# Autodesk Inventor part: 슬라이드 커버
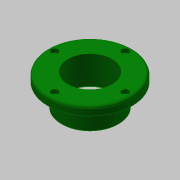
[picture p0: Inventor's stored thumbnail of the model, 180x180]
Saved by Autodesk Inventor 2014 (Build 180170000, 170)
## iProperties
Created: 2015-10
Part Number: 슬라이드 커버
Document SubType Name: Modeling
Designer: mdu
Density: 2.71 g/cm^3
Material: Aluminum 6061
Mass: 221.924 g
Surface Area: 243.242 cm^2
Volume: 81.8907 cm^3
Appearance: Dark Green
Author: mdu
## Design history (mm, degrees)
sketch "스케치1"
  geometry: C1 r 47.5 at (0, 0); C2 r 32.5 at (0, 0); 1 further point
  constraints: 2 centre point, 2 coincident
  dimensions: "d33" = 95 diameter of C1; "d35" = 65 diameter of C2
extrude "돌출1" new body sketch "스케치1" distance "d0" = 10; taper "d1" = 0 deg
extrude "돌출2" join sketch "스케치1" distance "d2" = 26; taper "d3" = 0 deg
hole "구멍1" diameter "d6" = 50; stored, may be unused: countersink angle "d10" = 90 deg, drill point angle "d12" = 118 deg; dims "d4" = 10, "d5" = 10, "d7" = 6, "d8" = 4, "d9" = 2, "d11" = 8
sketch "스케치2" dims "d36" = 80
  geometry: 4 further points
  constraints: 2 coincident, 2 vertical alignment, 2 other
hole "구멍2" sketch "스케치2" at (0, 40) diameter "d13" = 4.5; stored, may be unused: countersink angle "d17" = 90 deg, drill point angle "d19" = 118 deg; dims "d14" = 6, "d15" = 8, "d16" = 4.4, "d18" = 8
fillet "모깎기1" dims "d23" = 3
chamfer "모따기1" distance "d24" = 1; stored, may be unused: second distance "d25" = 2, angle "d26" = 45 deg
sketch "스케치3"
  geometry: C1 r 25 at (0, 0); C2 r 30 at (0, 0); C3 r 26 at (0, 0) reference; 1 further point
  constraints: 2 centre point, 2 coincident
  dimensions: "d27" = 60 diameter of C2
extrude "돌출3" cut sketch "스케치3" distance "d28" = 3; taper "d29" = 0 deg
chamfer "모따기2" distance "d30" = 1; stored, may be unused: second distance "d31" = 2, angle "d32" = 45 deg
node "솔리드1"
pattern_circular "원형 패턴1" dims angle "d21" = 360 deg
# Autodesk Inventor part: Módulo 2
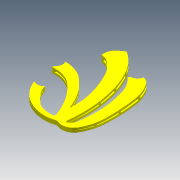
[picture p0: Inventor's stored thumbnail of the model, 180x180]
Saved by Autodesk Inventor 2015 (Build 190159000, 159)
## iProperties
Created: 2015-04
Part Number: Módulo 2
Material: Generic
Document SubType Name: Modeling
Designer: Gabriel Cabellos
Density: 1 g/cm^3
Appearance: Default
Author: Gabriel Cabellos
Sending System: SolidWorks 2008
Last Author: welington
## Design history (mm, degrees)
node "Módulo 21"
node "Extrusão9"
node "Base1"

■ Task to complete ■
Scan the listing above for the word "Autodesk" and copy every line that holds it.

■ Your solution ■
# Autodesk Inventor part: 슬라이드 커버
Saved by Autodesk Inventor 2014 (Build 180170000, 170)
# Autodesk Inventor part: Módulo 2
Saved by Autodesk Inventor 2015 (Build 190159000, 159)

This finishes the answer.